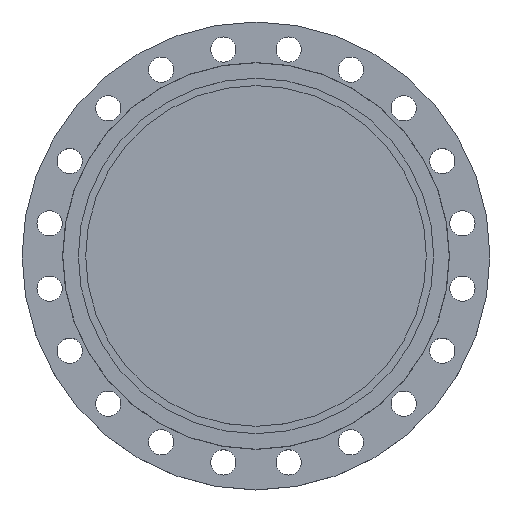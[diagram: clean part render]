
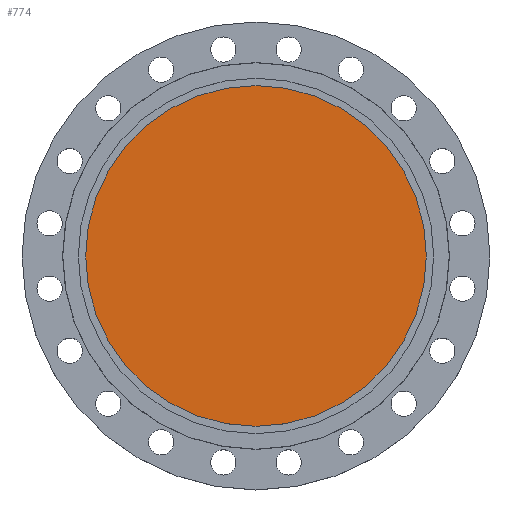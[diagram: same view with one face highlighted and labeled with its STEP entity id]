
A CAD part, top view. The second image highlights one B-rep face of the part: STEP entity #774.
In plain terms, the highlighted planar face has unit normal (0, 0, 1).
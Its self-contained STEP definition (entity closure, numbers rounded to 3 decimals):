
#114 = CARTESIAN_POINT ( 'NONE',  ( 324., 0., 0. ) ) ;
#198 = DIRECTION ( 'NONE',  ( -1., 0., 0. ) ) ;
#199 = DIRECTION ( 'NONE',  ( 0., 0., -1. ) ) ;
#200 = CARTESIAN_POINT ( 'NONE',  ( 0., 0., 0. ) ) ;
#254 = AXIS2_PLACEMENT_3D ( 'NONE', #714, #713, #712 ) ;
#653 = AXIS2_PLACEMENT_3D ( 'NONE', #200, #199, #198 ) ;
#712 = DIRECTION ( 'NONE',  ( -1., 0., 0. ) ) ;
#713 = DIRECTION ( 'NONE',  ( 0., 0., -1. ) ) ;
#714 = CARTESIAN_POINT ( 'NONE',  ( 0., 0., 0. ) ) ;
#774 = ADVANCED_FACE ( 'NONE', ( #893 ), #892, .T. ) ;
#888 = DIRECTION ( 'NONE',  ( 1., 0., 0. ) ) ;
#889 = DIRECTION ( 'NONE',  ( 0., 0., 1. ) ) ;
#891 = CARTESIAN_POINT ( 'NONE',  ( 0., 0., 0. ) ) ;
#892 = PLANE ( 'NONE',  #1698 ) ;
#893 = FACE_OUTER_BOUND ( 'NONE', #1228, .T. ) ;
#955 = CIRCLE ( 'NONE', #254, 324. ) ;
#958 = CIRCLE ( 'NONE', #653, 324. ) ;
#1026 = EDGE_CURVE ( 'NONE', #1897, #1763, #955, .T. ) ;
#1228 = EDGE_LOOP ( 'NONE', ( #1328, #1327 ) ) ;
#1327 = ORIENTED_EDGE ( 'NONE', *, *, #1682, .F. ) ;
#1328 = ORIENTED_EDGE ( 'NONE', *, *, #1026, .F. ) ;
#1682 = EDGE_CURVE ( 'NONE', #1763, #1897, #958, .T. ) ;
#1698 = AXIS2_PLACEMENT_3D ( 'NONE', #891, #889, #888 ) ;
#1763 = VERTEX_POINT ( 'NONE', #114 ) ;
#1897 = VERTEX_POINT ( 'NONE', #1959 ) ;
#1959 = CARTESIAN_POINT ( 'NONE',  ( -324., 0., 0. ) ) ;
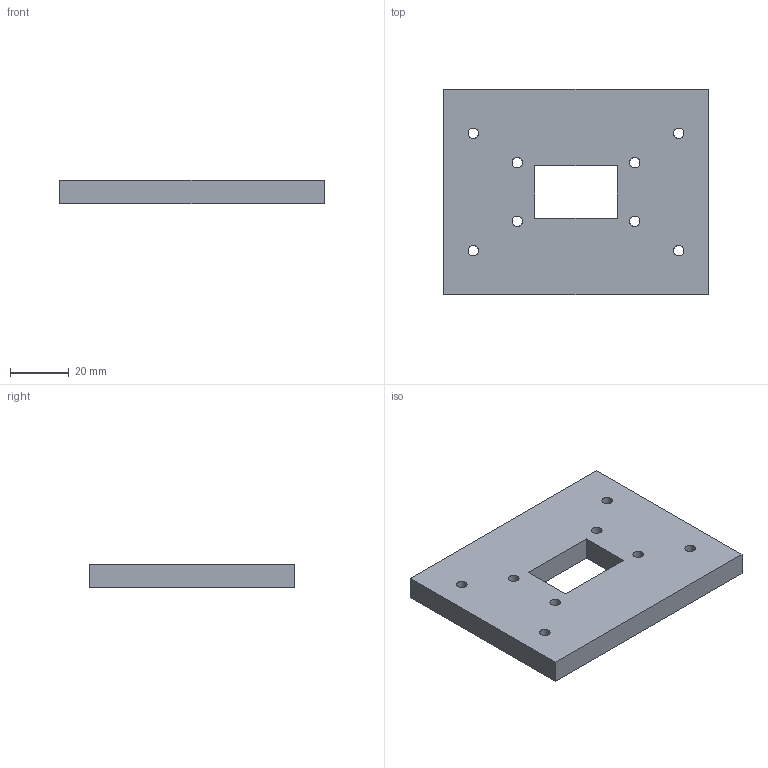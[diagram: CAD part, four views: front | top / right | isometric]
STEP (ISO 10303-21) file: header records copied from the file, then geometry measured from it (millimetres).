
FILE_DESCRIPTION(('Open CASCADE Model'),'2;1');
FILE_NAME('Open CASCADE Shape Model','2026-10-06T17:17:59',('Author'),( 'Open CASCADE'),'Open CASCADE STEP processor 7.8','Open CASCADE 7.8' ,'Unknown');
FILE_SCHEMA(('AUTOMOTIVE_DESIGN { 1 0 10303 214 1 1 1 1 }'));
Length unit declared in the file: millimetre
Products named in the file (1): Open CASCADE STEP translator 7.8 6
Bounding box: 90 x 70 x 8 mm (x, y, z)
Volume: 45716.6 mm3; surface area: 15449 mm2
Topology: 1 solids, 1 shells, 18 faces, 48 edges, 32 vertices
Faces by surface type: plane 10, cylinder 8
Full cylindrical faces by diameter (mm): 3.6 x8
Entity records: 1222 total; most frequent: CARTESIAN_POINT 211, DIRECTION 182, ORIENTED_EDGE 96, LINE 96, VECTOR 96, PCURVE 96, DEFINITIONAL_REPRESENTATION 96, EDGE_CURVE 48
----------------
EXERCISE PROMPT:
Begin at the top of the records above and retype each line exactly until the line containing "Products named in", which is included. Skip all pictures.

SOLUTION FOR THIS TASK:
[diagram: clean part render]
[diagram: same view with one face highlighted and labeled with its STEP entity id]
A CAD part, top view. The second image highlights one B-rep face of the part: STEP entity #774.
In plain terms, the highlighted planar face has unit normal (0, 0, 1).
Its self-contained STEP definition (entity closure, numbers rounded to 3 decimals):
#114 = CARTESIAN_POINT ( 'NONE',  ( 324., 0., 0. ) ) ;
#198 = DIRECTION ( 'NONE',  ( -1., 0., 0. ) ) ;
#199 = DIRECTION ( 'NONE',  ( 0., 0., -1. ) ) ;
#200 = CARTESIAN_POINT ( 'NONE',  ( 0., 0., 0. ) ) ;
#254 = AXIS2_PLACEMENT_3D ( 'NONE', #714, #713, #712 ) ;
#653 = AXIS2_PLACEMENT_3D ( 'NONE', #200, #199, #198 ) ;
#712 = DIRECTION ( 'NONE',  ( -1., 0., 0. ) ) ;
#713 = DIRECTION ( 'NONE',  ( 0., 0., -1. ) ) ;
#714 = CARTESIAN_POINT ( 'NONE',  ( 0., 0., 0. ) ) ;
#774 = ADVANCED_FACE ( 'NONE', ( #893 ), #892, .T. ) ;
#888 = DIRECTION ( 'NONE',  ( 1., 0., 0. ) ) ;
#889 = DIRECTION ( 'NONE',  ( 0., 0., 1. ) ) ;
#891 = CARTESIAN_POINT ( 'NONE',  ( 0., 0., 0. ) ) ;
#892 = PLANE ( 'NONE',  #1698 ) ;
#893 = FACE_OUTER_BOUND ( 'NONE', #1228, .T. ) ;
#955 = CIRCLE ( 'NONE', #254, 324. ) ;
#958 = CIRCLE ( 'NONE', #653, 324. ) ;
#1026 = EDGE_CURVE ( 'NONE', #1897, #1763, #955, .T. ) ;
#1228 = EDGE_LOOP ( 'NONE', ( #1328, #1327 ) ) ;
#1327 = ORIENTED_EDGE ( 'NONE', *, *, #1682, .F. ) ;
#1328 = ORIENTED_EDGE ( 'NONE', *, *, #1026, .F. ) ;
#1682 = EDGE_CURVE ( 'NONE', #1763, #1897, #958, .T. ) ;
#1698 = AXIS2_PLACEMENT_3D ( 'NONE', #891, #889, #888 ) ;
#1763 = VERTEX_POINT ( 'NONE', #114 ) ;
#1897 = VERTEX_POINT ( 'NONE', #1959 ) ;
#1959 = CARTESIAN_POINT ( 'NONE',  ( -324., 0., 0. ) ) ;
[diagram: CAD part, four views: front | top / right | isometric]
STEP (ISO 10303-21) file: header records copied from the file, then geometry measured from it (millimetres).
FILE_DESCRIPTION(('Open CASCADE Model'),'2;1');
FILE_NAME('Open CASCADE Shape Model','2026-10-06T17:17:59',('Author'),( 'Open CASCADE'),'Open CASCADE STEP processor 7.8','Open CASCADE 7.8' ,'Unknown');
FILE_SCHEMA(('AUTOMOTIVE_DESIGN { 1 0 10303 214 1 1 1 1 }'));
Length unit declared in the file: millimetre
Products named in the file (1): Open CASCADE STEP translator 7.8 6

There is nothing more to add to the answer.